Liechtenstein Garden Palace and Museum in Vienna, Austria
Liechtenstein garden palace
Courtyard wing at the Liechtenstein Palace in Vienna
Courtyard wing
Liechtenstein Palace Garden, Vienna
The palace garden
New Liechtenstein Palace, Vienna
The new summer palace
Herculessaal, Liechtenstein Museum
Ceiling fresco, Herculessaal

The Princely House of Liechtenstein was one of the wealthiest aristocratic families in Vienna. In the seventeenth century they built two palaces in the city, one in the Bankgasse in the center of the city (known as the Stadtpalais Liechtenstein) and a Gartenpalais in Alsergrund, at the time a rural area just north of the city.

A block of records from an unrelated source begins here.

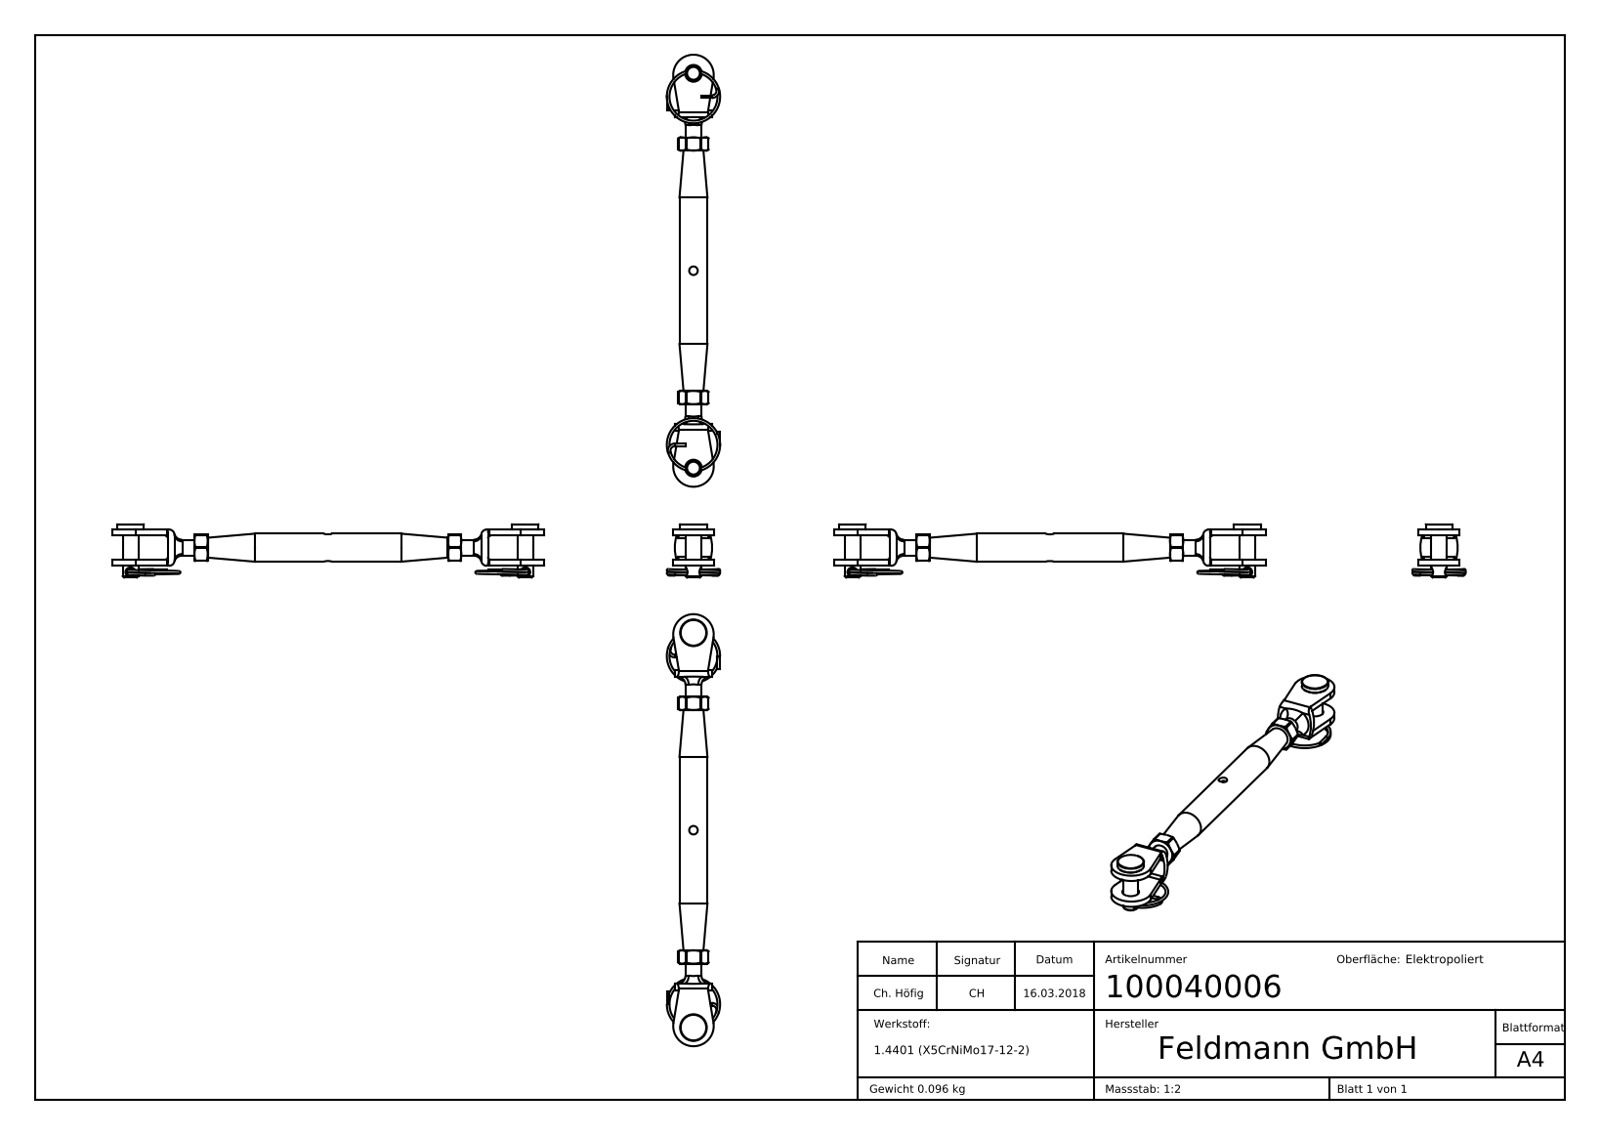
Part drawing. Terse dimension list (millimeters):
name: DIN 934 M4-M20_58321-240-6; 10005800X Teil2_100058006 Teil2; 10004000X Linksgewinde_100059006; 10005800X Teil1_100058006 Teil1 (+8 more)
written by: SolidWorks 2015 (CONFIG_CONTROL_DESIGN)
unit: mm
bodies: 9 solids, 451 faces (128 planar, 122 cylindrical, 201 other)
size: 162.2 × 20 × 20
volume: 11 981 mm³; area: 12 455 mm²
holes: 2× ⌀3, 2× ⌀6.3, 1× ⌀3.2, 1× ⌀5, 1× ⌀7.5
bosses: 4× ⌀1, 2× ⌀10, 2× ⌀5.8, 1× ⌀10.5, 1× ⌀6
rounds: 6× R0.5, 4× R0.4, 4× R1, 4× R2, 2× R7.6, 2× R16.16, 1× R3.85
face distances: 2.3, 11.3, 13.6, 9, 10, 2, 15.6, 13.3, 4.3, 5
hole spacings: 74.1, 148.2

The Gartenpalais (garden palace) was used by the family during summer, while the family lived in the Stadtpalais (city palace) during the winter.

Liechtenstein Palace

The summer palace was commissioned at the end of the seventeenth century by Prince Johann Adam Andreas I of Liechtenstein. It was completed in 1709 by the Italian architect Domenico Martinelli, who was also responsible for the Stadtpalais Liechtenstein in the Bankgasse.

The exterior of the summer palace is sober, inspired by the classical designs of Roman villas. The interior is more elaborate, with a Baroque design and plenty of lively frescoes and paintings.

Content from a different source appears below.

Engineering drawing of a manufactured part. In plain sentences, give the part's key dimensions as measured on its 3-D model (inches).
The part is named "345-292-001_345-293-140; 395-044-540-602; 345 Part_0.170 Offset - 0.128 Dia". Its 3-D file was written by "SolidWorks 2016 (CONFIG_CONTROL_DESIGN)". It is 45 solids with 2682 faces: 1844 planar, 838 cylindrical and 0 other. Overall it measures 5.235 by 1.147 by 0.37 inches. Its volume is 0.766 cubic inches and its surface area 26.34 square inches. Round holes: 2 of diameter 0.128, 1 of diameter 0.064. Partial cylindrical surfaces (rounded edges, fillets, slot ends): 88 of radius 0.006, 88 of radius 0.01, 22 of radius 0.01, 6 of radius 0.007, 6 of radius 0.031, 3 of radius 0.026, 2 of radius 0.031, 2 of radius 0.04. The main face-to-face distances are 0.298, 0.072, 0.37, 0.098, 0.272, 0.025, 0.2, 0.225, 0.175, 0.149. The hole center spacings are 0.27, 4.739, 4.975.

The garden behind the palace was originally formally laid out in a Baroque style. In the late eighteenth century, the garden was restyled as an English landscape garden. Today’s garden was created in 2003 by Cordula Loidl-Reisch and is a mixture of those two historical styles: a formal section near the palace followed by a leafy landscaped garden.

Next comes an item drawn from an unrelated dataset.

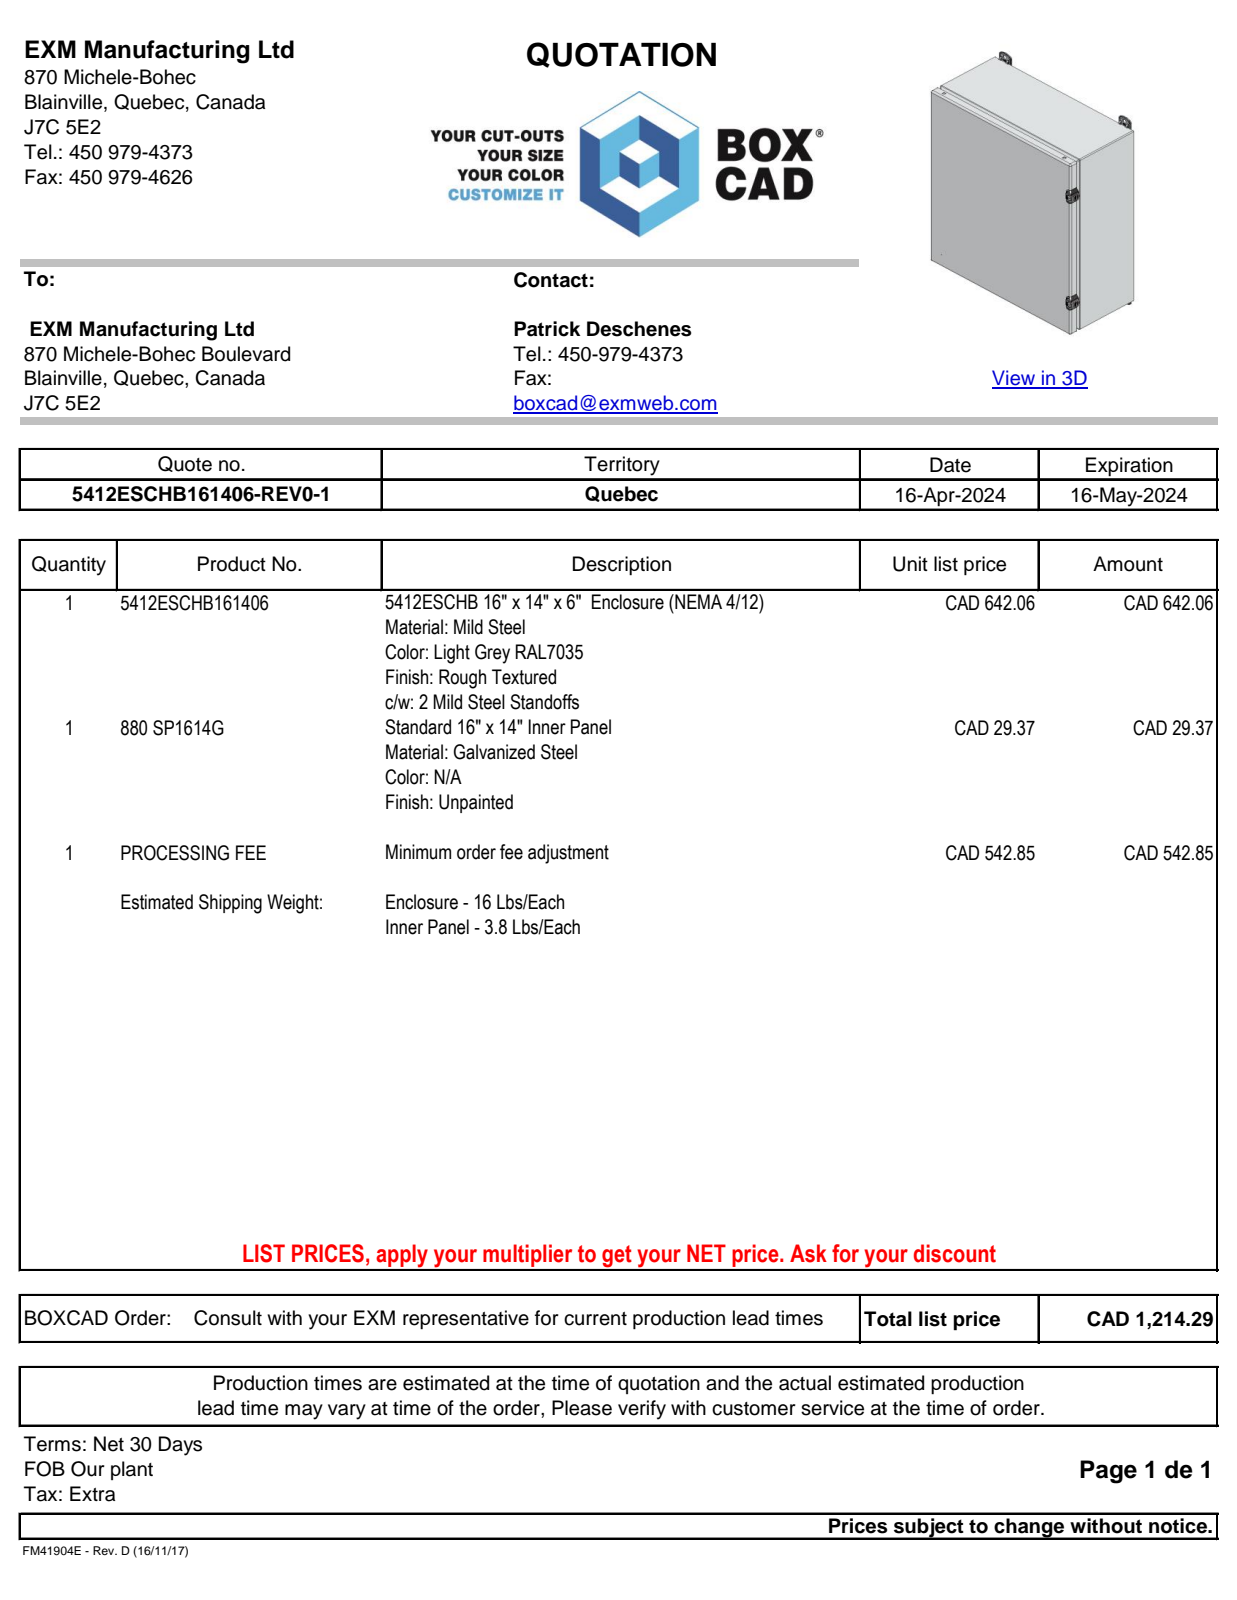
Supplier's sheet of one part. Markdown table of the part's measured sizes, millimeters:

Behind the garden was a Belvedere, designed by Johann Bernhard Fischer von Erlach. The structure was demolished in 1872 to make way for the Neue Sommerpalais (new summer palace). This new palace was built by the Austrian architect Heinrich von Ferstel.

Liechtenstein Museum

Already in 1805 the Liechtenstein family opened its private art collection to the public, but they transported the works of art to Liechtenstein during the Second World War. In 1979 the Liechtenstein Palace became home to a museum of modern art, until 2001 when its collection moved to the newly opened MuseumsQuartier.

After an extensive renovation, the Liechtenstein Museum reopened in 2004 with the original private collection of the Liechtenstein family. The galleries display Gothic, Renaissance and Baroque works of art with a specific focus on paintings by the Flemish artist Pieter Paul Rubens – represented with no less than thirty paintings – and his compatriot Anthony Van Dyck.

The museum building is worth a visit on its own, as it is decorated with beautifully restored stucco work and magnificent frescoes by the Austrian Baroque painter Johann Michael Rottmayr. Of note are the Sala Terrana, with its grand staircases and beautiful frescoes, and the large Herculessaal, a magnificent Baroque hall lined with red marble pilasters and an impressive ceiling fresco – The Admittance of Hercules to Olympus – by the Italian Baroque painter Andrea Pozzi.